We agree with members of Oregon’s Legislature who want to reduce the state’s suicide rate. Indeed, does anybody not share that goal?

But we disagree that a law - and in particular the constitutionally shaky bill that the Oregon Senate approved this week - is likely to accomplish, in any meaningful way, this noble objective. Senate Bill 719 passed by a 17-11 vote and is now under consideration in the House.

The bill would require people whom a judge deems to be at risk of suicide or of harming another person to surrender all their guns or other potentially deadly weapons to police, a gun dealer or potentially a third party.

The law would apply only if a judge approved what the bill calls an “extreme risk protection order.” A police officer, spouse, parent, child or sibling, or anyone living with the allegedly suicidal person could petition the court for such an order. If it’s approved, the person would have 24 hours to surrender guns and other weapons.

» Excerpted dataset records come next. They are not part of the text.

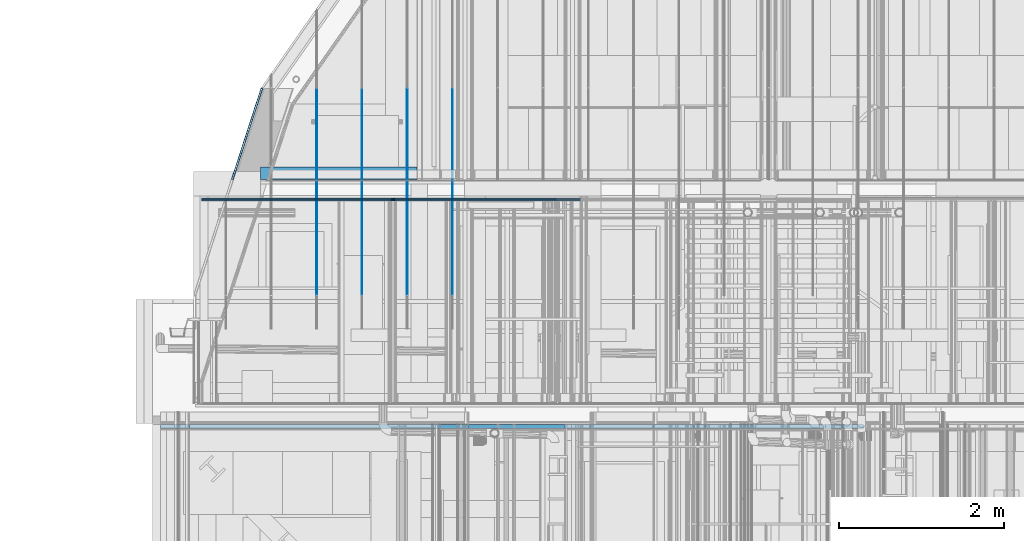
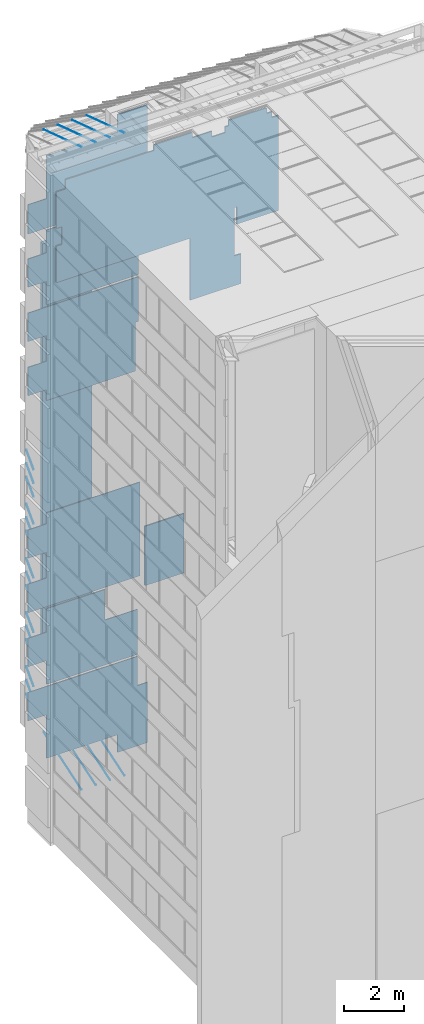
# One storey, part 263 of 583: 38 slabs.
"""IFC2X3 building model written with IfcOpenShell, lengths in metres."""

import ifcopenshell
import ifcopenshell.guid

model = None  # the IFC model being written
_history = None  # IfcOwnerHistory: only IFC2X3 demands one
_inside = {}  # id of a spatial element -> (the spatial element, [elements in it])
_under = {}  # id of a project, library or spatial element -> (it, [spatial elements below it])
_declared = {}  # id of a project -> (the project, [libraries it declares])
_typed = {}  # id of a type object -> (the type object, [elements of that type])
_made_of = {}  # id of a material, layer set ... -> (it, [elements and type objects made of it])


def new_model(schema):
    """Start an empty IFC model of exactly this schema.

    Asked for "IFC4X3", IfcOpenShell would pick the latest addendum, in which some entities
    have other attributes; the version numbers below select the first issue.
    IFC2X3 requires an IfcOwnerHistory on every rooted entity: one is made here for all.
    """
    global model, _history
    if schema == "IFC4X3":
        model = ifcopenshell.file(schema_version=(4, 3, 0, 0))
    else:
        model = ifcopenshell.file(schema=schema)
    _inside.clear()
    _under.clear()
    _declared.clear()
    _typed.clear()
    _made_of.clear()
    _history = None
    if model.schema == "IFC2X3":
        org = make("IfcOrganization", Name="unknown")
        user = make(
            "IfcPersonAndOrganization",
            ThePerson=make("IfcPerson", FamilyName="unknown"),
            TheOrganization=org,
        )
        app = make(
            "IfcApplication",
            ApplicationDeveloper=org,
            Version="unknown",
            ApplicationFullName="unknown",
            ApplicationIdentifier="unknown",
        )
        _history = make(
            "IfcOwnerHistory",
            OwningUser=user,
            OwningApplication=app,
            ChangeAction="ADDED",
            CreationDate=0,
        )
    return model


def make(cls, **values):
    """One entity of the class cls with the attributes given. An attribute that is None is left unset."""
    return model.create_entity(
        cls, **{name: value for name, value in values.items() if value is not None}
    )


def entity(cls, *values):
    """Any entity or typed value of the class cls, its attributes in the order of the schema. None: left unset."""
    e = model.create_entity(cls)
    for i, value in enumerate(values):
        if value is not None:
            e[i] = value
    return e


def rooted(cls, **values):
    """An entity with a GlobalId (a new one), such as an element, a storey or a relation."""
    return make(cls, GlobalId=ifcopenshell.guid.new(), OwnerHistory=_history, **values)


def si_unit(unit_type, name, prefix=None):
    """IfcSIUnit, for example si_unit("LENGTHUNIT", "METRE", prefix="MILLI")."""
    return make("IfcSIUnit", UnitType=unit_type, Prefix=prefix, Name=name)


def converted_unit(unit_type, name, factor, base, dimensions=None, offset=None):
    """IfcConversionBasedUnit, such as the inch: factor (a typed value) times the base unit."""
    return make(
        "IfcConversionBasedUnit"
        if offset is None
        else "IfcConversionBasedUnitWithOffset",
        ConversionOffset=offset,
        Dimensions=None
        if dimensions is None
        else entity("IfcDimensionalExponents", *dimensions),
        UnitType=unit_type,
        Name=name,
        ConversionFactor=make(
            "IfcMeasureWithUnit", ValueComponent=factor, UnitComponent=base
        ),
    )


def derived_unit(unit_type, elements):
    """IfcDerivedUnit: a product of units, each with its exponent."""
    return make(
        "IfcDerivedUnit",
        Elements=[
            make("IfcDerivedUnitElement", Unit=unit, Exponent=power)
            for unit, power in elements
        ],
        UnitType=unit_type,
    )


def money_unit(currency):
    """IfcMonetaryUnit."""
    return make("IfcMonetaryUnit", Currency=currency)


def assignment(units):
    """IfcUnitAssignment: the units of a project."""
    return None if units is None else make("IfcUnitAssignment", Units=units)


def point(xyz):
    """IfcCartesianPoint."""
    return None if xyz is None else make("IfcCartesianPoint", Coordinates=xyz)


def direction(xyz):
    """IfcDirection."""
    return None if xyz is None else make("IfcDirection", DirectionRatios=xyz)


def frame(location, z_axis=None, x_axis=None):
    """IfcAxis2Placement3D, a coordinate frame: its origin and axes. An axis left out is left unset."""
    return make(
        "IfcAxis2Placement3D",
        Location=point(location),
        Axis=direction(z_axis),
        RefDirection=direction(x_axis),
    )


def origin_with_axes():
    """The frame at (0, 0, 0) with the z axis (0, 0, 1) and the x axis (1, 0, 0) written out."""
    return frame((0.0, 0.0, 0.0), z_axis=(0.0, 0.0, 1.0), x_axis=(1.0, 0.0, 0.0))


def place(relative_to, where):
    """IfcLocalPlacement: puts the frame where relative to a parent placement (None: the world)."""
    return make(
        "IfcLocalPlacement", PlacementRelTo=relative_to, RelativePlacement=where
    )


def context(
    kind, dimensions, precision=None, world=None, true_north=None, identifier=None
):
    """IfcGeometricRepresentationContext, for example the 3D "Model" context."""
    return make(
        "IfcGeometricRepresentationContext",
        ContextIdentifier=identifier,
        ContextType=kind,
        CoordinateSpaceDimension=dimensions,
        Precision=precision,
        WorldCoordinateSystem=world,
        TrueNorth=true_north,
    )


def subcontext(parent, identifier, kind, view, scale=None):
    """IfcGeometricRepresentationSubContext, for example "Body" below "Model"."""
    return make(
        "IfcGeometricRepresentationSubContext",
        ContextIdentifier=identifier,
        ContextType=kind,
        ParentContext=parent,
        TargetScale=scale,
        TargetView=view,
    )


def project(units=None, contexts=None):
    """IfcProject with its units and contexts."""
    return rooted(
        "IfcProject",
        Name="project",
        RepresentationContexts=contexts,
        UnitsInContext=assignment(units),
    )


def spatial(cls, under=None, at=None, **own):
    """A site, building, storey or space (cls), placed at a placement, below another one or the project."""
    s = rooted(cls, ObjectPlacement=at, **own)
    if under is not None:
        _under.setdefault(under.id(), (under, []))[1].append(s)
    return s


def faces_of(points, faces, orient=None, outer=None):
    """IfcFace entities. A face is a list of loops; a loop is a list of indices into points, from 0.

    orient and outer hold one flag for each loop. By default every Orientation is true, the
    first loop of a face is its IfcFaceOuterBound and the others are IfcFaceBound.
    """
    made = []
    for i, loops in enumerate(faces):
        bounds = []
        for j, loop in enumerate(loops):
            is_outer = j == 0 if outer is None else outer[i][j]
            bounds.append(
                make(
                    "IfcFaceOuterBound" if is_outer else "IfcFaceBound",
                    Bound=make("IfcPolyLoop", Polygon=[points[k] for k in loop]),
                    Orientation=True if orient is None else orient[i][j],
                )
            )
        made.append(make("IfcFace", Bounds=bounds))
    return made


def faceted_brep(points, faces, orient=None, outer=None, voids=None):
    """IfcFacetedBrep: a solid bounded by flat faces; with voids (closed shells), ...WithVoids."""
    shared = [point(p) for p in points]
    hull = make("IfcClosedShell", CfsFaces=faces_of(shared, faces, orient, outer))
    if voids is None:
        return make("IfcFacetedBrep", Outer=hull)
    return make(
        "IfcFacetedBrepWithVoids",
        Outer=hull,
        Voids=[
            make(cls, CfsFaces=faces_of(shared, fs, o, b)) for cls, fs, o, b in voids
        ],
    )


def shape(context_of_items, identifier, shape_type, items):
    """IfcShapeRepresentation: the items that make up one representation, for example the "Body"."""
    return make(
        "IfcShapeRepresentation",
        ContextOfItems=context_of_items,
        RepresentationIdentifier=identifier,
        RepresentationType=shape_type,
        Items=items,
    )


def material(Name=None, Category=None):
    """IfcMaterial."""
    return make("IfcMaterial", Name=Name, Category=Category)


def made_of(thing, what):
    """Note that an element or type object is made of a material, layer set ...; save() writes the relation."""
    if what is not None:
        _made_of.setdefault(what.id(), (what, []))[1].append(thing)
    return thing


def type_object(cls, material=None, **own):
    """A type object (cls), such as IfcWallType, which elements share."""
    return made_of(rooted(cls, **own), material)


def element(
    cls,
    number,
    at=None,
    inside=None,
    cuts=None,
    type_object=None,
    material=None,
    context=None,
    identifier="Body",
    shape_type=None,
    held_by="IfcProductDefinitionShape",
    body=None,
    shapes=None,
    **own,
):
    """One element of the class cls, such as IfcWall. Its Tag is "e" and its number.

    at: its placement. inside: the storey or other place that contains it. cuts: it is an
    opening in that element (IfcRelVoidsElement). A single representation is given by context,
    identifier, shape_type and body (its items); several are given by shapes. held_by: the class
    of the entity that holds the representations. save() writes the other relations.
    """
    e = rooted(cls, Tag="e%d" % number, ObjectPlacement=at, **own)
    if body is not None:
        shapes = [shape(context, identifier, shape_type, body)]
    if shapes is not None:
        e.Representation = make(held_by, Representations=shapes)
    if inside is not None:
        _inside.setdefault(inside.id(), (inside, []))[1].append(e)
    if cuts is not None:
        rooted(
            "IfcRelVoidsElement", RelatingBuildingElement=cuts, RelatedOpeningElement=e
        )
    if type_object is not None:
        _typed.setdefault(type_object.id(), (type_object, []))[1].append(e)
    return made_of(e, material)


def aggregate(whole, parts):
    """IfcRelAggregates: a whole, such as a stair, and the parts it consists of."""
    return rooted("IfcRelAggregates", RelatingObject=whole, RelatedObjects=parts)


def save(model, path):
    """Write the relations noted so far, then the file.

    IfcRelAggregates (storeys below a building ...), IfcRelContainedInSpatialStructure (elements
    in a storey), IfcRelDefinesByType, IfcRelAssociatesMaterial and IfcRelDeclares: one each for
    every whole, place, type object, material and project.
    """
    for whole, parts in _under.values():
        aggregate(whole, parts)
    for where, things in _inside.values():
        rooted(
            "IfcRelContainedInSpatialStructure",
            RelatedElements=things,
            RelatingStructure=where,
        )
    for kind, things in _typed.values():
        rooted("IfcRelDefinesByType", RelatedObjects=things, RelatingType=kind)
    for what, things in _made_of.values():
        rooted("IfcRelAssociatesMaterial", RelatedObjects=things, RelatingMaterial=what)
    for by, libraries in _declared.values():
        rooted("IfcRelDeclares", RelatingContext=by, RelatedDefinitions=libraries)
    model.write(path)


model = new_model("IFC2X3")

# Units and contexts
model_context = context("Model", 3, precision=1e-05, world=origin_with_axes(), true_north=direction((0.0, 1.0)))
body_context = subcontext(model_context, "Body", "Model", "MODEL_VIEW", scale=1.0)
ifc_project = project(units=[si_unit("LENGTHUNIT", "METRE"), si_unit("AREAUNIT", "SQUARE_METRE"), si_unit("VOLUMEUNIT", "CUBIC_METRE"), si_unit("ABSORBEDDOSEUNIT", "GRAY"), si_unit("AMOUNTOFSUBSTANCEUNIT", "MOLE"), si_unit("DOSEEQUIVALENTUNIT", "SIEVERT"), si_unit("ELECTRICCAPACITANCEUNIT", "FARAD"), si_unit("ELECTRICCHARGEUNIT", "COULOMB"), si_unit("ELECTRICCONDUCTANCEUNIT", "SIEMENS"), si_unit("ELECTRICCURRENTUNIT", "AMPERE"), si_unit("ELECTRICRESISTANCEUNIT", "OHM"), si_unit("ELECTRICVOLTAGEUNIT", "VOLT"), si_unit("ENERGYUNIT", "JOULE"), si_unit("FORCEUNIT", "NEWTON"), si_unit("FREQUENCYUNIT", "HERTZ"), si_unit("ILLUMINANCEUNIT", "LUX"), si_unit("INDUCTANCEUNIT", "HENRY"), si_unit("LUMINOUSFLUXUNIT", "LUMEN"), si_unit("LUMINOUSINTENSITYUNIT", "CANDELA"), si_unit("MAGNETICFLUXDENSITYUNIT", "TESLA"), si_unit("MAGNETICFLUXUNIT", "WEBER"), si_unit("MASSUNIT", "GRAM"), converted_unit("PLANEANGLEUNIT", "degree", entity("IfcReal", 0.0174532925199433), si_unit("PLANEANGLEUNIT", "RADIAN"), dimensions=[0, 0, 0, 0, 0, 0, 0]), si_unit("POWERUNIT", "WATT"), si_unit("PRESSUREUNIT", "PASCAL"), si_unit("RADIOACTIVITYUNIT", "BECQUEREL"), si_unit("SOLIDANGLEUNIT", "STERADIAN"), si_unit("THERMODYNAMICTEMPERATUREUNIT", "KELVIN"), si_unit("TIMEUNIT", "SECOND"), derived_unit("ACCELERATIONUNIT", [(si_unit("LENGTHUNIT", "METRE"), 1), (si_unit("TIMEUNIT", "SECOND"), -2)]), derived_unit("ANGULARVELOCITYUNIT", [(converted_unit("PLANEANGLEUNIT", "degree", entity("IfcReal", 0.0174532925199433), si_unit("PLANEANGLEUNIT", "RADIAN"), dimensions=[0, 0, 0, 0, 0, 0, 0]), 1), (si_unit("TIMEUNIT", "SECOND"), -1)]), derived_unit("CURVATUREUNIT", [(converted_unit("PLANEANGLEUNIT", "degree", entity("IfcReal", 0.0174532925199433), si_unit("PLANEANGLEUNIT", "RADIAN"), dimensions=[0, 0, 0, 0, 0, 0, 0]), 1), (si_unit("LENGTHUNIT", "METRE"), -1)]), derived_unit("DYNAMICVISCOSITYUNIT", [(si_unit("PRESSUREUNIT", "PASCAL"), 1), (si_unit("TIMEUNIT", "SECOND"), 1)]), derived_unit("HEATFLUXDENSITYUNIT", [(si_unit("POWERUNIT", "WATT"), 1), (si_unit("LENGTHUNIT", "METRE"), -2)]), derived_unit("HEATINGVALUEUNIT", [(si_unit("ENERGYUNIT", "JOULE"), 1), (si_unit("MASSUNIT", "GRAM"), -1)]), derived_unit("INTEGERCOUNTRATEUNIT", [(si_unit("TIMEUNIT", "SECOND"), -1)]), derived_unit("IONCONCENTRATIONUNIT", [(si_unit("MASSUNIT", "GRAM"), 1), (si_unit("VOLUMEUNIT", "CUBIC_METRE"), -1)]), derived_unit("ISOTHERMALMOISTURECAPACITYUNIT", [(si_unit("VOLUMEUNIT", "CUBIC_METRE"), 1), (si_unit("MASSUNIT", "GRAM"), -1)]), derived_unit("KINEMATICVISCOSITYUNIT", [(si_unit("AREAUNIT", "SQUARE_METRE"), 1), (si_unit("TIMEUNIT", "SECOND"), -1)]), derived_unit("LINEARFORCEUNIT", [(si_unit("FORCEUNIT", "NEWTON"), 1), (si_unit("LENGTHUNIT", "METRE"), -1)]), derived_unit("LINEARMOMENTUNIT", [(si_unit("FORCEUNIT", "NEWTON"), 1), (si_unit("LENGTHUNIT", "METRE"), -1)]), derived_unit("LINEARSTIFFNESSUNIT", [(si_unit("FORCEUNIT", "NEWTON"), 1), (si_unit("LENGTHUNIT", "METRE"), -1)]), derived_unit("LINEARVELOCITYUNIT", [(si_unit("LENGTHUNIT", "METRE"), 1), (si_unit("TIMEUNIT", "SECOND"), -1)]), derived_unit("LUMINOUSINTENSITYDISTRIBUTIONUNIT", [(si_unit("LUMINOUSINTENSITYUNIT", "CANDELA"), 1), (si_unit("LUMINOUSFLUXUNIT", "LUMEN"), -1)]), derived_unit("MASSDENSITYUNIT", [(si_unit("MASSUNIT", "GRAM"), 1), (si_unit("VOLUMEUNIT", "CUBIC_METRE"), -1)]), derived_unit("MASSFLOWRATEUNIT", [(si_unit("MASSUNIT", "GRAM"), 1), (si_unit("TIMEUNIT", "SECOND"), -1)]), derived_unit("MASSPERLENGTHUNIT", [(si_unit("MASSUNIT", "GRAM"), 1), (si_unit("LENGTHUNIT", "METRE"), -1)]), derived_unit("MODULUSOFELASTICITYUNIT", [(si_unit("FORCEUNIT", "NEWTON"), 1), (si_unit("AREAUNIT", "SQUARE_METRE"), -1)]), derived_unit("MODULUSOFLINEARSUBGRADEREACTIONUNIT", [(si_unit("FORCEUNIT", "NEWTON"), 1), (si_unit("LENGTHUNIT", "METRE"), -2)]), derived_unit("MODULUSOFROTATIONALSUBGRADEREACTIONUNIT", [(si_unit("FORCEUNIT", "NEWTON"), 1), (si_unit("LENGTHUNIT", "METRE"), 1)]), derived_unit("MODULUSOFSUBGRADEREACTIONUNIT", [(si_unit("FORCEUNIT", "NEWTON"), 1), (si_unit("VOLUMEUNIT", "CUBIC_METRE"), -1)]), derived_unit("MOISTUREDIFFUSIVITYUNIT", [(si_unit("VOLUMEUNIT", "CUBIC_METRE"), 1), (si_unit("TIMEUNIT", "SECOND"), -1)]), derived_unit("MOLECULARWEIGHTUNIT", [(si_unit("MASSUNIT", "GRAM"), 1), (si_unit("AMOUNTOFSUBSTANCEUNIT", "MOLE"), -1)]), derived_unit("PLANARFORCEUNIT", [(si_unit("FORCEUNIT", "NEWTON"), 1), (si_unit("LENGTHUNIT", "METRE"), -2)]), derived_unit("ROTATIONALFREQUENCYUNIT", [(si_unit("TIMEUNIT", "SECOND"), -1)]), derived_unit("ROTATIONALMASSUNIT", [(si_unit("MASSUNIT", "GRAM"), 1), (si_unit("LENGTHUNIT", "METRE"), 2)]), derived_unit("ROTATIONALSTIFFNESSUNIT", [(si_unit("FORCEUNIT", "NEWTON"), 1), (si_unit("LENGTHUNIT", "METRE"), 1), (converted_unit("PLANEANGLEUNIT", "degree", entity("IfcReal", 0.0174532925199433), si_unit("PLANEANGLEUNIT", "RADIAN"), dimensions=[0, 0, 0, 0, 0, 0, 0]), -1)]), derived_unit("SECTIONAREAINTEGRALUNIT", [(si_unit("LENGTHUNIT", "METRE"), 5)]), derived_unit("SECTIONMODULUSUNIT", [(si_unit("LENGTHUNIT", "METRE"), 3)]), derived_unit("SHEARMODULUSUNIT", [(si_unit("FORCEUNIT", "NEWTON"), 1), (si_unit("AREAUNIT", "SQUARE_METRE"), -1)]), derived_unit("SOUNDPOWERUNIT", [(si_unit("ENERGYUNIT", "JOULE"), 1), (si_unit("TIMEUNIT", "SECOND"), -1)]), derived_unit("SPECIFICHEATCAPACITYUNIT", [(si_unit("FORCEUNIT", "NEWTON"), 1), (si_unit("MASSUNIT", "GRAM"), -1), (si_unit("THERMODYNAMICTEMPERATUREUNIT", "KELVIN"), -1)]), derived_unit("TEMPERATUREGRADIENTUNIT", [(si_unit("THERMODYNAMICTEMPERATUREUNIT", "KELVIN"), 1), (si_unit("LENGTHUNIT", "METRE"), -1)]), derived_unit("THERMALADMITTANCEUNIT", [(si_unit("POWERUNIT", "WATT"), 1), (si_unit("AREAUNIT", "SQUARE_METRE"), -1), (si_unit("THERMODYNAMICTEMPERATUREUNIT", "KELVIN"), -1)]), derived_unit("THERMALCONDUCTANCEUNIT", [(si_unit("POWERUNIT", "WATT"), 1), (si_unit("LENGTHUNIT", "METRE"), -1), (si_unit("THERMODYNAMICTEMPERATUREUNIT", "KELVIN"), -1)]), derived_unit("THERMALEXPANSIONCOEFFICIENTUNIT", [(si_unit("THERMODYNAMICTEMPERATUREUNIT", "KELVIN"), -1)]), derived_unit("THERMALRESISTANCEUNIT", [(si_unit("AREAUNIT", "SQUARE_METRE"), 1), (si_unit("POWERUNIT", "WATT"), -1)]), derived_unit("THERMALTRANSMITTANCEUNIT", [(si_unit("POWERUNIT", "WATT"), 1), (si_unit("AREAUNIT", "SQUARE_METRE"), -1), (si_unit("THERMODYNAMICTEMPERATUREUNIT", "KELVIN"), -1)]), derived_unit("TORQUEUNIT", [(si_unit("FORCEUNIT", "NEWTON"), 1), (si_unit("LENGTHUNIT", "METRE"), 1)]), derived_unit("VAPORPERMEABILITYUNIT", [(si_unit("MASSUNIT", "GRAM"), 1), (si_unit("TIMEUNIT", "SECOND"), -1)]), derived_unit("VOLUMETRICFLOWRATEUNIT", [(si_unit("VOLUMEUNIT", "CUBIC_METRE"), 1), (si_unit("TIMEUNIT", "SECOND"), -1)]), derived_unit("WARPINGCONSTANTUNIT", [(si_unit("LENGTHUNIT", "METRE"), 6)]), derived_unit("WARPINGMOMENTUNIT", [(si_unit("FORCEUNIT", "NEWTON"), 1), (si_unit("LENGTHUNIT", "METRE"), 2)]), money_unit("GBP")], contexts=[model_context])

# Site, building, storey
site_placement = place(None, origin_with_axes())
site = spatial("IfcSite", under=ifc_project, at=site_placement, Name="Site", CompositionType="ELEMENT")
building_placement = place(site_placement, origin_with_axes())
building = spatial("IfcBuilding", under=site, at=building_placement, Name="Building01", CompositionType="ELEMENT")
storey_placement = place(building_placement, frame((0.0, 0.0, 20.78), z_axis=(0.0, 0.0, 1.0), x_axis=(1.0, 0.0, 0.0)))
storey = spatial("IfcBuildingStorey", under=building, at=storey_placement, Name="RL", CompositionType="ELEMENT", Elevation=20.78)

# Slabs
ifc_material_1 = material(Name="A_BSUK_CeilingSoffitFinishes_Suspended")
slab_type_1 = type_object("IfcSlabType", Name="A-FloorsSlabs A_BSUK_Slabs", PredefinedType="FLOOR")
placement = place(storey_placement, frame((0.0, 0.0, -20.78), z_axis=(0.0, 0.0, 1.0), x_axis=(1.0, 0.0, 0.0)))
element("IfcSlab", 1, at=placement, inside=storey, type_object=slab_type_1, material=ifc_material_1, Name="A-FloorsSlabs A_BSUK_Slabs", ObjectType="CompoundSlabLeaf", context=body_context, shape_type="Brep", body=[
    faceted_brep([(5.174915, 17.423, 23.79), (5.174915, 17.438, 23.79), (5.174915, 17.438, 26.380061), (5.174915, 17.423, 26.380061), (4.817, 17.423, 23.79), (4.817, 17.438, 23.79), (4.817, 17.423, 22.740024), (4.817, 17.438, 22.740024), (0.599939, 17.423, 22.740024), (0.599939, 17.438, 22.740024), (0.599939, 17.423, 23.930024), (0.599939, 17.438, 23.930024), (1.312402, 17.423, 23.930024), (1.312402, 17.438, 23.930024), (1.312402, 17.423, 25.667598), (1.312402, 17.438, 25.667598), (4.024964, 17.423, 25.667598), (4.024964, 17.438, 25.667598), (4.024964, 17.423, 26.380061), (4.024964, 17.438, 26.380061)], [[[0, 1, 2, 3]], [[4, 5, 1, 0]], [[6, 7, 5, 4]], [[8, 9, 7, 6]], [[10, 11, 9, 8]], [[12, 13, 11, 10]], [[14, 15, 13, 12]], [[16, 17, 15, 14]], [[18, 19, 17, 16]], [[3, 2, 19, 18]], [[1, 5, 7, 9, 11, 13, 15, 17, 19, 2]], [[3, 18, 16, 14, 12, 10, 8, 6, 4, 0]]]),
])
element("IfcSlab", 2, at=placement, inside=storey, type_object=slab_type_1, material=ifc_material_1, Name="A-FloorsSlabs A_BSUK_Slabs", ObjectType="CompoundSlabLeaf", context=body_context, shape_type="Brep", body=[
    faceted_brep([(4.817, 17.423, 22.660024), (4.817, 17.438, 22.660024), (1.312402, 17.438, 22.660024), (1.312402, 17.423, 22.660024), (4.817, 17.423, 19.629976), (4.817, 17.438, 19.629976), (1.312402, 17.423, 19.629976), (1.312402, 17.438, 19.629976), (1.312402, 17.423, 20.590024), (1.312402, 17.438, 20.590024), (0.599939, 17.423, 20.590024), (0.599939, 17.438, 20.590024), (0.599939, 17.423, 21.739976), (0.599939, 17.438, 21.739976), (1.312402, 17.423, 21.739976), (1.312402, 17.438, 21.739976)], [[[0, 1, 2, 3]], [[4, 5, 1, 0]], [[6, 7, 5, 4]], [[8, 9, 7, 6]], [[10, 11, 9, 8]], [[12, 13, 11, 10]], [[14, 15, 13, 12]], [[3, 2, 15, 14]], [[1, 5, 7, 9, 11, 13, 15, 2]], [[3, 14, 12, 10, 8, 6, 4, 0]]]),
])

Subjects of such an order could appeal, but the order would remain in effect until the appeal was decided. The order otherwise would be in effect for one year.

Besides its potential conflicts with the Second Amendment, our main concern with the bill is that it focuses solely on the means by which a person might harm himself or others, but has nothing to do with the person’s motivations. And we’re not convinced that those motivations can be addressed through legislation. Not every societal problem can be fixed with a law.

The Legislature can, and should, ensure that the state has a robust and accessible system available for people who seek help with severe emotional problems. But we don’t believe that Senate Bill 719, which treats distraught people as though they were criminals, constitutes that sort of help.

Moreover, relatives and friends need no law to compel them to help people they’re worried about. That’s why people take the car keys from loved ones who have been drinking.